What the task requires: Your output should be the records below, word for word and picture-free.

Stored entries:
<<<<

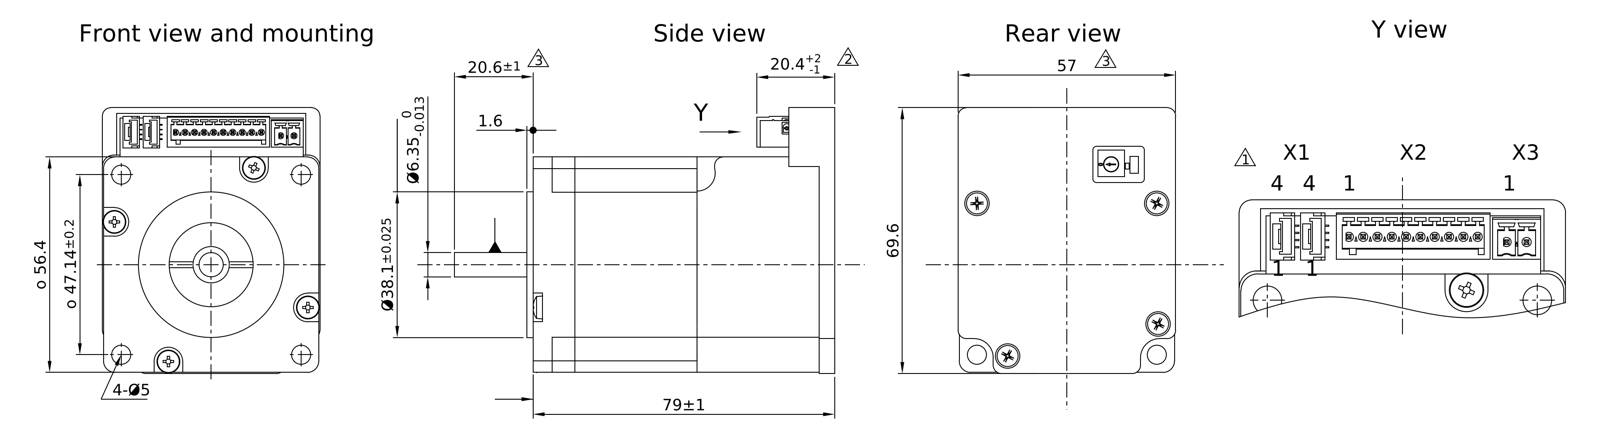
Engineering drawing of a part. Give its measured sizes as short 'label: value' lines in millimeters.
name: PD4-C5918M4204-E-08
written by: Autodesk Inventor 2013 (AUTOMOTIVE_DESIGN)
unit: mm
bodies: 0 solids, 1572 faces (1196 planar, 274 cylindrical, 102 other)
size: 99.6 × 69.6 × 57
holes: 8× ⌀2.5, 8× ⌀3, 6× ⌀2, 4× ⌀3.4, 4× ⌀5, 2× ⌀1.3, 2× ⌀1.5, 2× ⌀2.1, 1× ⌀3.78, 1× ⌀16.5, 1× ⌀22, 1× ⌀26
bosses: 12× ⌀1.2, 10× ⌀1.6, 4× ⌀5.5, 4× ⌀2.75, 4× ⌀2.68, 3× ⌀12, 2× ⌀0.46, 1× ⌀38.1
rounds: 26× R0.2, 20× R0.16, 18× R0.5, 16× R2.3, 12× R3, 10× R1, 10× R2.2, 8× R0.21
face distances: 56.4, 36, 5, 31, 10.8, 2.4, 5.8, 12, 25.2, 8.4
hole spacings: 34.82, 39.19, 43.22, 47.14, 4.4, 12.5, 14.15, 19.32
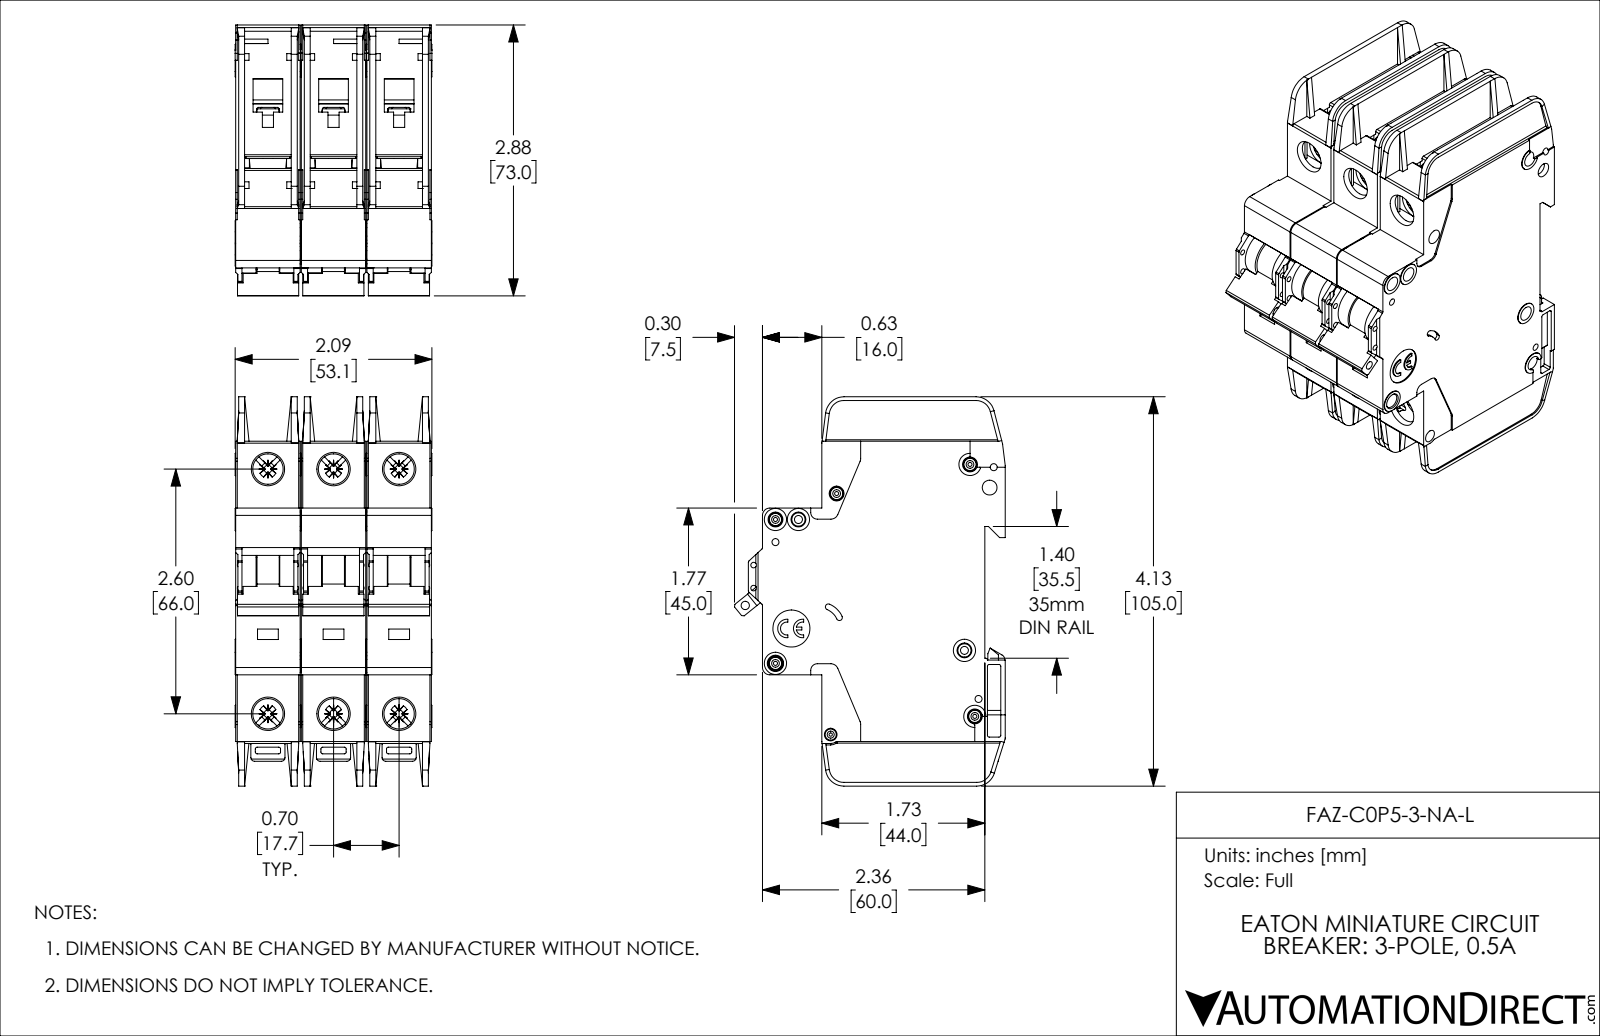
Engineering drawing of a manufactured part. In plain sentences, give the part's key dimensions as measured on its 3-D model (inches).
The part is named "FAZ-C0P5-3-NA-L". Its 3-D file was written by "SolidWorks 2019 (AUTOMOTIVE_DESIGN)". It is 3 solids with 3381 faces: 2013 planar, 1071 cylindrical and 297 other. Overall it measures 4.134 by 2.876 by 2.091 inches. Its volume is 14.05 cubic inches and its surface area 123 square inches. Round holes: 8 of diameter 0.157, 6 of diameter 0.323, 5 of diameter 0.043, 4 of diameter 0.075, 2 of diameter 0.059, 2 of diameter 0.085, 1 of diameter 0.035, 1 of diameter 0.089, 1 of diameter 0.098, 1 of diameter 0.134, 1 of diameter 0.394. Round bosses or shafts: 5 of diameter 0.13, 4 of diameter 0.236, 4 of diameter 0.118, 3 of diameter 0.098. Partial cylindrical surfaces (rounded edges, fillets, slot ends): 72 of radius 0.02, 30 of radius 0.016, 18 of radius 0.039, 12 of radius 0.043, 12 of radius 0.079, 6 of radius 0.008, 6 of radius 0.01, 6 of radius 0.028. The main face-to-face distances are 0.697, 0.047, 1.394, 0.685, 0.591, 1.382, 0.744, 0.65, 0.106, 0.094. The hole center spacings are 0.697, 2.69, 2.598, 0.244, 0.537, 0.87, 1.394, 2.948.
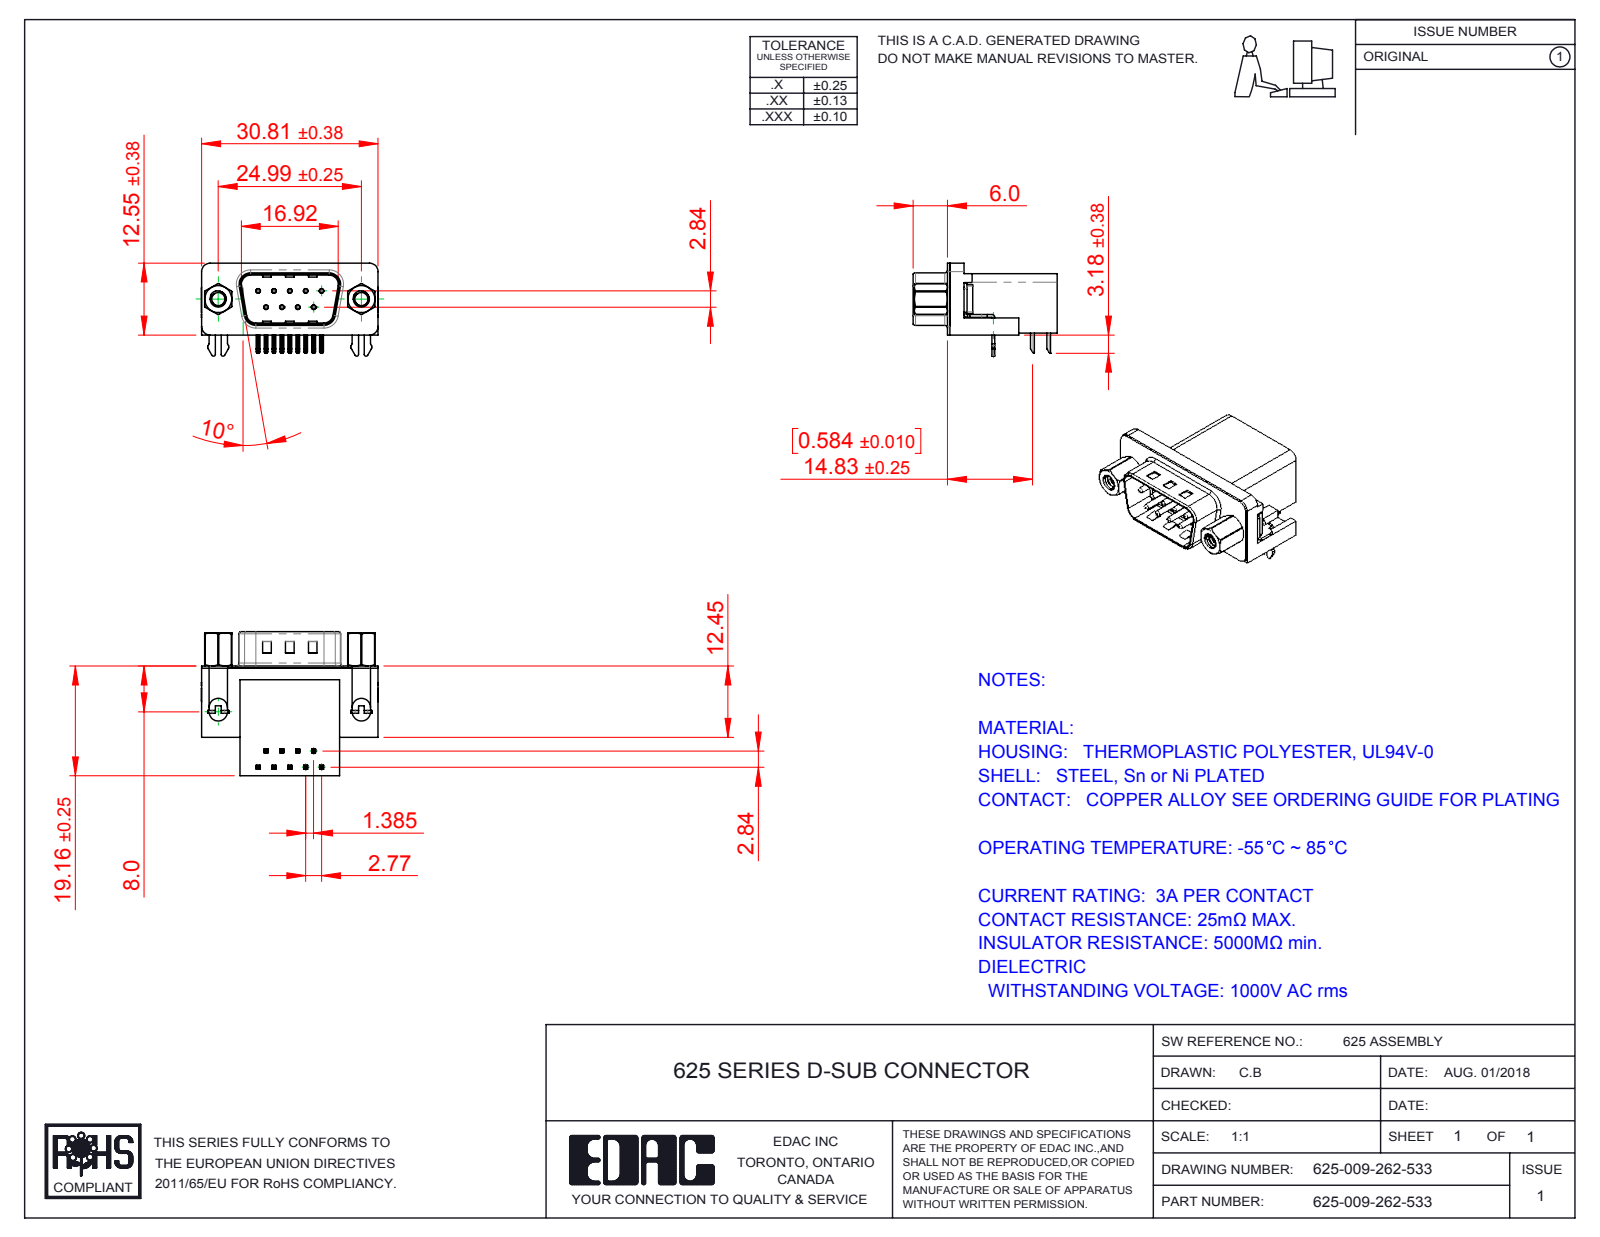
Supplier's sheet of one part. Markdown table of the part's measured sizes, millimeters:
| quantity | value |
| --- | --- |
| part name | 625 4-40 Hex Standoff 5; 625 Contact Bottom; 625 Housing_9 Socket; 625 Shell_9 Socket (+4 more) |
| STEP written by | SolidWorks 2016 (CONFIG_CONTROL_DESIGN) |
| units | millimeters |
| bodies | 17 solids, 1159 faces (627 planar, 397 cylindrical, 135 other) |
| overall size | 30.89 × 25.16 × 16.25 |
| volume | 4 688 mm³ |
| surface area | 5 440 mm² |
| round holes (diameter × count) | 0.35 × 9, 0.8 × 9, 2.26 × 2, 2.29 × 2, 4 × 2, 4.8 × 2, 5 × 2 |
| round bosses / shafts (diameter × count) | 0.75 × 9, 4.9 × 2, 4.75 × 2, 3.9 × 2, 2.79 × 2 |
| partial cylindrical surfaces (radius × count) | 0.25 × 44, 0.12 × 18, 1 × 16, 0.5 × 14, 1.5 × 8, 1.6 × 8, 0.32 × 4, 0.9 × 4 |
| main face-to-face distances | 0.4, 10.34, 18.76, 19.16, 16.26, 2.5, 2.9, 0.35, 10.69, 0.5 |
| hole center spacings | 3.16, 2.77, 5.54, 5.03, 5.04, 8.31, 7.48, 7.49 |

>>>>

Solution to this task:
Engineering drawing of a part. Give its measured sizes as short 'label: value' lines in millimeters.
name: PD4-C5918M4204-E-08
written by: Autodesk Inventor 2013 (AUTOMOTIVE_DESIGN)
unit: mm
bodies: 0 solids, 1572 faces (1196 planar, 274 cylindrical, 102 other)
size: 99.6 × 69.6 × 57
holes: 8× ⌀2.5, 8× ⌀3, 6× ⌀2, 4× ⌀3.4, 4× ⌀5, 2× ⌀1.3, 2× ⌀1.5, 2× ⌀2.1, 1× ⌀3.78, 1× ⌀16.5, 1× ⌀22, 1× ⌀26
bosses: 12× ⌀1.2, 10× ⌀1.6, 4× ⌀5.5, 4× ⌀2.75, 4× ⌀2.68, 3× ⌀12, 2× ⌀0.46, 1× ⌀38.1
rounds: 26× R0.2, 20× R0.16, 18× R0.5, 16× R2.3, 12× R3, 10× R1, 10× R2.2, 8× R0.21
face distances: 56.4, 36, 5, 31, 10.8, 2.4, 5.8, 12, 25.2, 8.4
hole spacings: 34.82, 39.19, 43.22, 47.14, 4.4, 12.5, 14.15, 19.32
Engineering drawing of a manufactured part. In plain sentences, give the part's key dimensions as measured on its 3-D model (inches).
The part is named "FAZ-C0P5-3-NA-L". Its 3-D file was written by "SolidWorks 2019 (AUTOMOTIVE_DESIGN)". It is 3 solids with 3381 faces: 2013 planar, 1071 cylindrical and 297 other. Overall it measures 4.134 by 2.876 by 2.091 inches. Its volume is 14.05 cubic inches and its surface area 123 square inches. Round holes: 8 of diameter 0.157, 6 of diameter 0.323, 5 of diameter 0.043, 4 of diameter 0.075, 2 of diameter 0.059, 2 of diameter 0.085, 1 of diameter 0.035, 1 of diameter 0.089, 1 of diameter 0.098, 1 of diameter 0.134, 1 of diameter 0.394. Round bosses or shafts: 5 of diameter 0.13, 4 of diameter 0.236, 4 of diameter 0.118, 3 of diameter 0.098. Partial cylindrical surfaces (rounded edges, fillets, slot ends): 72 of radius 0.02, 30 of radius 0.016, 18 of radius 0.039, 12 of radius 0.043, 12 of radius 0.079, 6 of radius 0.008, 6 of radius 0.01, 6 of radius 0.028. The main face-to-face distances are 0.697, 0.047, 1.394, 0.685, 0.591, 1.382, 0.744, 0.65, 0.106, 0.094. The hole center spacings are 0.697, 2.69, 2.598, 0.244, 0.537, 0.87, 1.394, 2.948.
Supplier's sheet of one part. Markdown table of the part's measured sizes, millimeters:
| quantity | value |
| --- | --- |
| part name | 625 4-40 Hex Standoff 5; 625 Contact Bottom; 625 Housing_9 Socket; 625 Shell_9 Socket (+4 more) |
| STEP written by | SolidWorks 2016 (CONFIG_CONTROL_DESIGN) |
| units | millimeters |
| bodies | 17 solids, 1159 faces (627 planar, 397 cylindrical, 135 other) |
| overall size | 30.89 × 25.16 × 16.25 |
| volume | 4 688 mm³ |
| surface area | 5 440 mm² |
| round holes (diameter × count) | 0.35 × 9, 0.8 × 9, 2.26 × 2, 2.29 × 2, 4 × 2, 4.8 × 2, 5 × 2 |
| round bosses / shafts (diameter × count) | 0.75 × 9, 4.9 × 2, 4.75 × 2, 3.9 × 2, 2.79 × 2 |
| partial cylindrical surfaces (radius × count) | 0.25 × 44, 0.12 × 18, 1 × 16, 0.5 × 14, 1.5 × 8, 1.6 × 8, 0.32 × 4, 0.9 × 4 |
| main face-to-face distances | 0.4, 10.34, 18.76, 19.16, 16.26, 2.5, 2.9, 0.35, 10.69, 0.5 |
| hole center spacings | 3.16, 2.77, 5.54, 5.03, 5.04, 8.31, 7.48, 7.49 |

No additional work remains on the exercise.